Responding to central concerns on board changes that saw four non-executive directors that represented government interests resigning after THL reclaimed its shares, Vingirai said this development was above board.
“The board now compromising of two directors nominated by Nssa and three nominated by THL, then proceeded to constitute an ad-hoc committee in terms of Article 89 of the company’s Memos and Articles and tasked it with identifying and recommending to the board suitable directors. The same committee was tasked with identifying a group chief operating officer. The RBZ as well as Nssa were aware of the existence of the ad-hoc committee from its inception,” Vingirai said.
“It would not be proper to challenge the validity of the committee on the basis of what one views as an unfavourable outcome. On the recommendations of the committee, the board has so far appointed three independent directors to the board after they were successfully vetted and approved by the RBZ. This is not a process that could have been rushed as it is necessary to bring on board people of the right calibre who can pass the various RBZ tests and are capable of adding value to the group.”
Turning to the contentious appointment of Manyika, which Mangudya said was illegal, Vingirai said Section 20 of the amended Banking Act only provides for five principal officers — CEO, chief accounting officer, company secretary, internal auditor and compliance officer — who must be employed only with prior approval of the RBZ.
“It is self-evident that there is no requirement to seek approval from the RBZ for non-prescribed positions,” he said.
On the capital adequacy of the group after Mangudya warned that ZBFH’s capital adequacy levels could be compromised after a process to merge the group’s flagship commercial bank and its mortgage lender, ZB Building Society, stalled, Vingirai said there was no resolution on how to meet the central bank’s capital thresholds.
In his letter to Mutandagayi, Mangudya had said the new strategic decision taken by the group would require additional capital of US$108 million and as a result the entities will be undercapitalised, risking failure to achieve the regulatory capital levels by 2020.
“The RBZ must allow due process to take place.
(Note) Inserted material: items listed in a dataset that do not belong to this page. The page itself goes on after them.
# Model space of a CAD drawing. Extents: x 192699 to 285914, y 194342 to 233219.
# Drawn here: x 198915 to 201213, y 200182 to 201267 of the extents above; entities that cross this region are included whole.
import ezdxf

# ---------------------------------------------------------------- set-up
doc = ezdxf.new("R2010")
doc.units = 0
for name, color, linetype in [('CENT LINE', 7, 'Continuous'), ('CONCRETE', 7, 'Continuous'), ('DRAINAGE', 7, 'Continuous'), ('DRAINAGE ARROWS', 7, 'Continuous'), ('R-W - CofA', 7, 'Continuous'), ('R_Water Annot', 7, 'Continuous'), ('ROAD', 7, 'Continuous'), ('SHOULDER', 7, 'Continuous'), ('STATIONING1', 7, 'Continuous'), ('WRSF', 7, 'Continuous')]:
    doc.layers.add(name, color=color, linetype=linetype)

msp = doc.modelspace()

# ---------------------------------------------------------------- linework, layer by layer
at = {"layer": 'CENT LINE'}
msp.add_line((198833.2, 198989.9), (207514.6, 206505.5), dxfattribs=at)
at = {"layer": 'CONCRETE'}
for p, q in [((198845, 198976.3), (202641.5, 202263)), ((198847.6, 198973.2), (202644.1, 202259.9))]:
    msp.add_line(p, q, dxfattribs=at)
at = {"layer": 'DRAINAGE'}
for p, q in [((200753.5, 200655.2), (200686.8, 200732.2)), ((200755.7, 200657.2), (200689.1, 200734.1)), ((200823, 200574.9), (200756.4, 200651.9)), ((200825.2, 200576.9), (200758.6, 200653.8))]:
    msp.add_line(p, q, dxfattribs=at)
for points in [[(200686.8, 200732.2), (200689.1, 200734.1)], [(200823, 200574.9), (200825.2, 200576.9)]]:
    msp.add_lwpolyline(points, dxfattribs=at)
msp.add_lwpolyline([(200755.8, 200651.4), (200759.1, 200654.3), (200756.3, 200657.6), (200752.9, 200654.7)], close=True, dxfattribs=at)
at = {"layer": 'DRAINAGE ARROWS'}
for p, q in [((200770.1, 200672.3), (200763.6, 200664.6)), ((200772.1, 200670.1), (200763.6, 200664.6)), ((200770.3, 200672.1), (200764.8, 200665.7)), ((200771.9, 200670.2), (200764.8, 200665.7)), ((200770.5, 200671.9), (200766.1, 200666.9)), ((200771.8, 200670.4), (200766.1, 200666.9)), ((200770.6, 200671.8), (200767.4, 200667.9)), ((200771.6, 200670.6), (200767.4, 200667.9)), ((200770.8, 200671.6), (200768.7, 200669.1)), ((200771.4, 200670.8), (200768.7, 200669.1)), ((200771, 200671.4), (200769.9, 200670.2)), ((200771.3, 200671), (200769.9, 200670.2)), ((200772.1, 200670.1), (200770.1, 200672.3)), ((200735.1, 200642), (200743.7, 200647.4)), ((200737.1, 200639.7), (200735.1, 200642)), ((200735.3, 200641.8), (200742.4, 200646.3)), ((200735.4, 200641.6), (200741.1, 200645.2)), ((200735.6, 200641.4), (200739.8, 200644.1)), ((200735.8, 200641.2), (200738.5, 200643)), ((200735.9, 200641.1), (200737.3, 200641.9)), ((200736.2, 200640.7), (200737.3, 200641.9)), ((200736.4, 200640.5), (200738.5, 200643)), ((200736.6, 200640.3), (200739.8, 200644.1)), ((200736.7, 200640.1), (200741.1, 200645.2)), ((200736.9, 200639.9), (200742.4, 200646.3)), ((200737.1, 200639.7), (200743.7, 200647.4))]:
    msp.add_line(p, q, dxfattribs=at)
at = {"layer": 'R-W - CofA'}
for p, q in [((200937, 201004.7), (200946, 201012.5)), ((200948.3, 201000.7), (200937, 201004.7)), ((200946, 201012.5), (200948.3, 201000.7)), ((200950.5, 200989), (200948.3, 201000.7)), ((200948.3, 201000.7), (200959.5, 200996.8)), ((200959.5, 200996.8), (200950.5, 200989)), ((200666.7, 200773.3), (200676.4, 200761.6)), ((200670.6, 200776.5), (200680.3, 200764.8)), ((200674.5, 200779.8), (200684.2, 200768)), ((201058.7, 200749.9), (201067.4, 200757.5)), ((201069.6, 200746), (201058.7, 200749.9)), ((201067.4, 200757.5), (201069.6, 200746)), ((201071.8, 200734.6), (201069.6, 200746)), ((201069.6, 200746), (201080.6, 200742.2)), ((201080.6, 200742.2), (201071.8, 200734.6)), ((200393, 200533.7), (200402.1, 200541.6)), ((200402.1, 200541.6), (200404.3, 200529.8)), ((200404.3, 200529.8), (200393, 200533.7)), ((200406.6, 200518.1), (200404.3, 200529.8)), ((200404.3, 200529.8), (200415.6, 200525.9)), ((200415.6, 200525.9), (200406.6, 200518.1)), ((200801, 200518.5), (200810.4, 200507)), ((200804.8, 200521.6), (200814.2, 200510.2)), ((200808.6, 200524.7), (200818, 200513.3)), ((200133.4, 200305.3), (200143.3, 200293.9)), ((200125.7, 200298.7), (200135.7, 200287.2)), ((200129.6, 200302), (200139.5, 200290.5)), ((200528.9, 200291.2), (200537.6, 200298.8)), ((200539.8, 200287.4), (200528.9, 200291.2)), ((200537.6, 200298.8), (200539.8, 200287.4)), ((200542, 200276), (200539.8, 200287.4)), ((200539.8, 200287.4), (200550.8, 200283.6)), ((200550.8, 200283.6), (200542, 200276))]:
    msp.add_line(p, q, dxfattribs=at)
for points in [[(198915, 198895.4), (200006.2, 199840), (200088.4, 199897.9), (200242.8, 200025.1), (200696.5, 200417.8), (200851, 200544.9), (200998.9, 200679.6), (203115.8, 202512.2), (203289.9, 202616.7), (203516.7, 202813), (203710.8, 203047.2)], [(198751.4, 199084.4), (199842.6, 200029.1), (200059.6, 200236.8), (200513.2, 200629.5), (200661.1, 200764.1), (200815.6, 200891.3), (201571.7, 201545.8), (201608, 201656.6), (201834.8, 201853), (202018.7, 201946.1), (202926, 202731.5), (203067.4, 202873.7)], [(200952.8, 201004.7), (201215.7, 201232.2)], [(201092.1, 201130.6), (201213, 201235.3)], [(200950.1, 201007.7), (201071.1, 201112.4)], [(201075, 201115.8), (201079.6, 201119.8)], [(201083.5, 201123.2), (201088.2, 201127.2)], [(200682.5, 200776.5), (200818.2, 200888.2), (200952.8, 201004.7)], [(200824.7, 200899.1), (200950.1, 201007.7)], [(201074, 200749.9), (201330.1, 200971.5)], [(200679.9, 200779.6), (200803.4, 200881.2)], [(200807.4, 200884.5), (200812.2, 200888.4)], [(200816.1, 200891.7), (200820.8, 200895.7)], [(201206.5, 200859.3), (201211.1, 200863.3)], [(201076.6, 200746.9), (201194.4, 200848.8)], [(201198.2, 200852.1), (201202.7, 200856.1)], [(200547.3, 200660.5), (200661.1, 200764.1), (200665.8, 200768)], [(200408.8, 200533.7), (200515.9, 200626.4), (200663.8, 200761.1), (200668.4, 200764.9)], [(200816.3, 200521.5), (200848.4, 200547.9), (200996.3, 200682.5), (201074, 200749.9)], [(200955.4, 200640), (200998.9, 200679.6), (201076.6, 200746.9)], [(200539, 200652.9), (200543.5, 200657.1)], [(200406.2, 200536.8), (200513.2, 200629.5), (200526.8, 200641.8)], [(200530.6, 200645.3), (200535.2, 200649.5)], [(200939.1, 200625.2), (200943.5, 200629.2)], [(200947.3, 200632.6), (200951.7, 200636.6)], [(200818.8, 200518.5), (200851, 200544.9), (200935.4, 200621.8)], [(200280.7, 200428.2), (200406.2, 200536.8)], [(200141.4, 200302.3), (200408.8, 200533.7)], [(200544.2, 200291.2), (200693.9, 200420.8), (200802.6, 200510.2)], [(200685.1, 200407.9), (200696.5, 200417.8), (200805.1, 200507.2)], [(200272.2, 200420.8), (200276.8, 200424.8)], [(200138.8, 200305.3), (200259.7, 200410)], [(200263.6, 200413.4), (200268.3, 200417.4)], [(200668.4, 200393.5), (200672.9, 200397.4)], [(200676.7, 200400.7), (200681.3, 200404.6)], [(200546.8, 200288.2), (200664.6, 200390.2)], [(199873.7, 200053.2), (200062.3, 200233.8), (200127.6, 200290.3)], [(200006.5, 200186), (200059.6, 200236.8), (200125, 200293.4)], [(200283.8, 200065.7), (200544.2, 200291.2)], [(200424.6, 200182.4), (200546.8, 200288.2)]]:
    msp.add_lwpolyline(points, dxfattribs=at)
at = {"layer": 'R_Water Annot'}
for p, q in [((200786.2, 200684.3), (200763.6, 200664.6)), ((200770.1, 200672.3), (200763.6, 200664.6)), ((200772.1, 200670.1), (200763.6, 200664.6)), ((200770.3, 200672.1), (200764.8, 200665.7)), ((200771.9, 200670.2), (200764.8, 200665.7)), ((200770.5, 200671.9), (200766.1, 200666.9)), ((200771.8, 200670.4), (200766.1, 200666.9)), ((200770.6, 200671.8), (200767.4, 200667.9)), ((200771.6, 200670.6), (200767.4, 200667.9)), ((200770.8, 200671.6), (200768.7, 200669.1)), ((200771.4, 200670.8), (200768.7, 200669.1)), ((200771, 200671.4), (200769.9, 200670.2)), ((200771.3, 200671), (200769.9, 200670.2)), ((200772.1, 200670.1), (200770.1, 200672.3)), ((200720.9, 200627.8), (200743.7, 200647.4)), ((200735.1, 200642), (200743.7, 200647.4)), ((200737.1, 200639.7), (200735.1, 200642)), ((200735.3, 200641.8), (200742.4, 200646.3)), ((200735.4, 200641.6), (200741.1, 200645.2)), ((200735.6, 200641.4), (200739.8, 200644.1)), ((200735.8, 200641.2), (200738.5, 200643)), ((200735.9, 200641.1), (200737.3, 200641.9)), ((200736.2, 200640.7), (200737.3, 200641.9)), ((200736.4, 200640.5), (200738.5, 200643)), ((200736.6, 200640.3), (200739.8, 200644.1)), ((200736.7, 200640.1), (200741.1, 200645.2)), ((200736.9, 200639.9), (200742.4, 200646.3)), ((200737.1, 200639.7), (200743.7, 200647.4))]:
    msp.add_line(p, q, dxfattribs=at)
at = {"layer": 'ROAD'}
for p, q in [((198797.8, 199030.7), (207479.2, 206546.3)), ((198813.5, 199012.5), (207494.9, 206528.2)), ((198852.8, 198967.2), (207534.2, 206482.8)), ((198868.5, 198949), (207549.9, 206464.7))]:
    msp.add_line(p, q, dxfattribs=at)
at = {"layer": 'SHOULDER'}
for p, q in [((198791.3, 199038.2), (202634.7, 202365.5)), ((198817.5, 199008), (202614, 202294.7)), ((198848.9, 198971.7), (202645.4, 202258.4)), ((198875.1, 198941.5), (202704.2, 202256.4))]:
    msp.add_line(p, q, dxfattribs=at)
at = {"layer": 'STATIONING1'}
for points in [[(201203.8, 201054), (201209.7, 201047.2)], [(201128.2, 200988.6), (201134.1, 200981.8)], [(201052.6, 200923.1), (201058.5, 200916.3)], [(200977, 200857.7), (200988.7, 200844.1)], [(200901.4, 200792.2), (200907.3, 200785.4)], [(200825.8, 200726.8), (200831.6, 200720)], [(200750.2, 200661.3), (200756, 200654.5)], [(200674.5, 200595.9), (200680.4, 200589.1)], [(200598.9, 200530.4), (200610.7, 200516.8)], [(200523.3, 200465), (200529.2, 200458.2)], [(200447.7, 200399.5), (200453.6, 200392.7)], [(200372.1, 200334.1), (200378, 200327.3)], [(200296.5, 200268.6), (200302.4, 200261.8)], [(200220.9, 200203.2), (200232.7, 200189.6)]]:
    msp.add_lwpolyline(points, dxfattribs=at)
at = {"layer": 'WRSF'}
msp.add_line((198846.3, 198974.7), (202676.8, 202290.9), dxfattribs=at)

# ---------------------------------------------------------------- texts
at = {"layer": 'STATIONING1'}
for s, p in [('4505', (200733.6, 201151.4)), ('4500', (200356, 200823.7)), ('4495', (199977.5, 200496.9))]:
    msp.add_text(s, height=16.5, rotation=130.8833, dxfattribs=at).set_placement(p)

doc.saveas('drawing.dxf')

In any event, it is my view that it would not be proper for the RBZ to issue a corrective order now, four years ahead of the deadline,” Vingirai said.
“With due respect and in my opinion, the order is based on incorrect information. I can therefore, only recommend that the RBZ rescinds its corrective order until such a time that is has gathered more relevant information concerning the alleged violations which violations should be specifically communicated to the affected parties in order to enable them to respond more comprehensively.
“I would also want to draw your attention to the fact that Transnational has not interfered with the running of ZBFH as a shareholder. Transnational is a competent operator of financial services businesses. To the contrary it is Nssa who have continuously issued directives to the company and interfered with the workings of ZBFH board. It is therefore sinister that the RBZ attack is directed at Transnational and not Nssa.”
Vingirai also attacked Mangudya on how he had handled the matter, creating an explosive crisis.
“Having dealt with all the points you raise Mr Governor, I would like to express my dismay at the manner you have dealt with the resolution of the longstanding dispute between Intermarket, Transnational shareholders of the Intermarket Group in 2006 are the cause of the problem. The RBZ is therefore too heavily conflicted to be arbiter in this matter,” Vingirai said.